THE PROBLEM: Print the data that follows exactly as it stands, from its first line through the line containing "[elements in it])", and stop there.

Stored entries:
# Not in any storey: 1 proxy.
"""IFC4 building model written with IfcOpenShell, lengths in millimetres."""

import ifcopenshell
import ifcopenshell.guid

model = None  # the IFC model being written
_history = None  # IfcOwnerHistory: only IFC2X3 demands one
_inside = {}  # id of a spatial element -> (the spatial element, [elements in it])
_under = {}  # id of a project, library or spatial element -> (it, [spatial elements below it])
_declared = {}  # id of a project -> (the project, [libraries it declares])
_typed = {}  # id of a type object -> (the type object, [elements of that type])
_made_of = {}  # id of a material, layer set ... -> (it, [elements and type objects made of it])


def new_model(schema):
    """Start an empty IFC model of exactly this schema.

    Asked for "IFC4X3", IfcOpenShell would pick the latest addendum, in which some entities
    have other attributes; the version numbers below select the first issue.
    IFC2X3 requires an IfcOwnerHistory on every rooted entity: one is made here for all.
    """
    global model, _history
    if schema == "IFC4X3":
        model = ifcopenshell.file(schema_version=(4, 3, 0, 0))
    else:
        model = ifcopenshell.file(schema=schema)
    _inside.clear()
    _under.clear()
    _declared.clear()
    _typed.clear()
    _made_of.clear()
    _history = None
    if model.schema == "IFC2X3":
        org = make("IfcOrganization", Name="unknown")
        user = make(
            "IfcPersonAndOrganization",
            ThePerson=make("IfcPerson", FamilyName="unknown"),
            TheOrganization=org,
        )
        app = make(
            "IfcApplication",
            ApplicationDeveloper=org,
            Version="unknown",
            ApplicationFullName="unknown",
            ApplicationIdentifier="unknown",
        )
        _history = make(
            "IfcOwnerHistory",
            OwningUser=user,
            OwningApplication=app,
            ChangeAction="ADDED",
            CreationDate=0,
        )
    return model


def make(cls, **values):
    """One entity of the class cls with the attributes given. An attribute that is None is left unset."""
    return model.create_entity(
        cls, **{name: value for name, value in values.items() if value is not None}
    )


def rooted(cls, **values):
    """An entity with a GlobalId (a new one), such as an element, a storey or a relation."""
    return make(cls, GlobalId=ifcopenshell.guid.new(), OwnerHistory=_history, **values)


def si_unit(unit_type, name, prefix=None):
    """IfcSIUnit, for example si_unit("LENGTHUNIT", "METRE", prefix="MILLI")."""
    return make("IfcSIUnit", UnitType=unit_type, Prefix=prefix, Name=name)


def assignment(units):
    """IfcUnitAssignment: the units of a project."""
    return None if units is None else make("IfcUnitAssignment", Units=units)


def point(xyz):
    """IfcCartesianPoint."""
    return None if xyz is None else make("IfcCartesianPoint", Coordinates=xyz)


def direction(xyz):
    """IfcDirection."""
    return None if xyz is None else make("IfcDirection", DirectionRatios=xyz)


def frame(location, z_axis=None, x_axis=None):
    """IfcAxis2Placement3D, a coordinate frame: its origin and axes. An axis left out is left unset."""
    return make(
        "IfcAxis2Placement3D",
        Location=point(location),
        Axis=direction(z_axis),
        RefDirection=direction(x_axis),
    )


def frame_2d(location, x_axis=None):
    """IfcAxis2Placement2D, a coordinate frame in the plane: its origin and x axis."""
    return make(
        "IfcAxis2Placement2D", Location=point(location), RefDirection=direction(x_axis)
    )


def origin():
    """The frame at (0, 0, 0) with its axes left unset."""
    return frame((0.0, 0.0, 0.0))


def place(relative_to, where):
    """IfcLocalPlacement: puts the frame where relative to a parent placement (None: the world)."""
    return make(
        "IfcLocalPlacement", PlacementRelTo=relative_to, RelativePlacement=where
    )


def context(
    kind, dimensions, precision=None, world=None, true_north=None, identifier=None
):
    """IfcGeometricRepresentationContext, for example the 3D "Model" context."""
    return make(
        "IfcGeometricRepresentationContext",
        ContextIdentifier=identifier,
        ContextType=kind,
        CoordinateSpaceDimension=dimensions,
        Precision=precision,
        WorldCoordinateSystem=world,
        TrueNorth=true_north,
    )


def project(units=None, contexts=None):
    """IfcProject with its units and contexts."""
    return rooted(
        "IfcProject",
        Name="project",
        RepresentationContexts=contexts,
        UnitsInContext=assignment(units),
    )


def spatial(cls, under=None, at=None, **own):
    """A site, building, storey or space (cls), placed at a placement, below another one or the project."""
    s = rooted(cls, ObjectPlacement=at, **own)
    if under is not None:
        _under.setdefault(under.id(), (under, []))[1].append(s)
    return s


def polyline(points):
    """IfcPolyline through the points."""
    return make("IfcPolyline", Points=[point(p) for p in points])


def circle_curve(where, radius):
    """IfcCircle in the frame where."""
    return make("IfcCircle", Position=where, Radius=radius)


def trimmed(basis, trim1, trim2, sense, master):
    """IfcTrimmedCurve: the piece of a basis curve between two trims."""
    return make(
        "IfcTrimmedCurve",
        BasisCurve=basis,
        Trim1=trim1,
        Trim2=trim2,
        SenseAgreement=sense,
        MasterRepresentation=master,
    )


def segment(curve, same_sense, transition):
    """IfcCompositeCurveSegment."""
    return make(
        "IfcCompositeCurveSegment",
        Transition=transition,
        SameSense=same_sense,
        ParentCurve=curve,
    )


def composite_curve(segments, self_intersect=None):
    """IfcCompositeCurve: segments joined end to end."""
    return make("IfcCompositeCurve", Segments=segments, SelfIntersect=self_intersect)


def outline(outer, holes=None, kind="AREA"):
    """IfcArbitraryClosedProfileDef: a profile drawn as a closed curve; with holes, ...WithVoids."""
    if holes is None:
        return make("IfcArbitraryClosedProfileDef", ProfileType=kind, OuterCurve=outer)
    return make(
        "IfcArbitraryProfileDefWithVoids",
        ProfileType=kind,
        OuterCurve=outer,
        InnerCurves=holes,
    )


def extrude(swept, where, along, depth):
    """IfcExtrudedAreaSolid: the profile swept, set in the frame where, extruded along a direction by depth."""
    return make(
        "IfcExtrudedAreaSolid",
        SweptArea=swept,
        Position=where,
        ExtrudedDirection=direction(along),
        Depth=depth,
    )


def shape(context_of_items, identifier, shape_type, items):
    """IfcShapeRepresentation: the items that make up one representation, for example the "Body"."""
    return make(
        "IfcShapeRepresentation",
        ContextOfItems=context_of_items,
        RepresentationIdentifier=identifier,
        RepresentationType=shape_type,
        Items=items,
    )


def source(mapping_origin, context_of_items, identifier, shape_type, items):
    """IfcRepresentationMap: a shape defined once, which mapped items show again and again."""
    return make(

RESPONSE TO THE EXERCISE:
# Not in any storey: 1 proxy.
"""IFC4 building model written with IfcOpenShell, lengths in millimetres."""

import ifcopenshell
import ifcopenshell.guid

model = None  # the IFC model being written
_history = None  # IfcOwnerHistory: only IFC2X3 demands one
_inside = {}  # id of a spatial element -> (the spatial element, [elements in it])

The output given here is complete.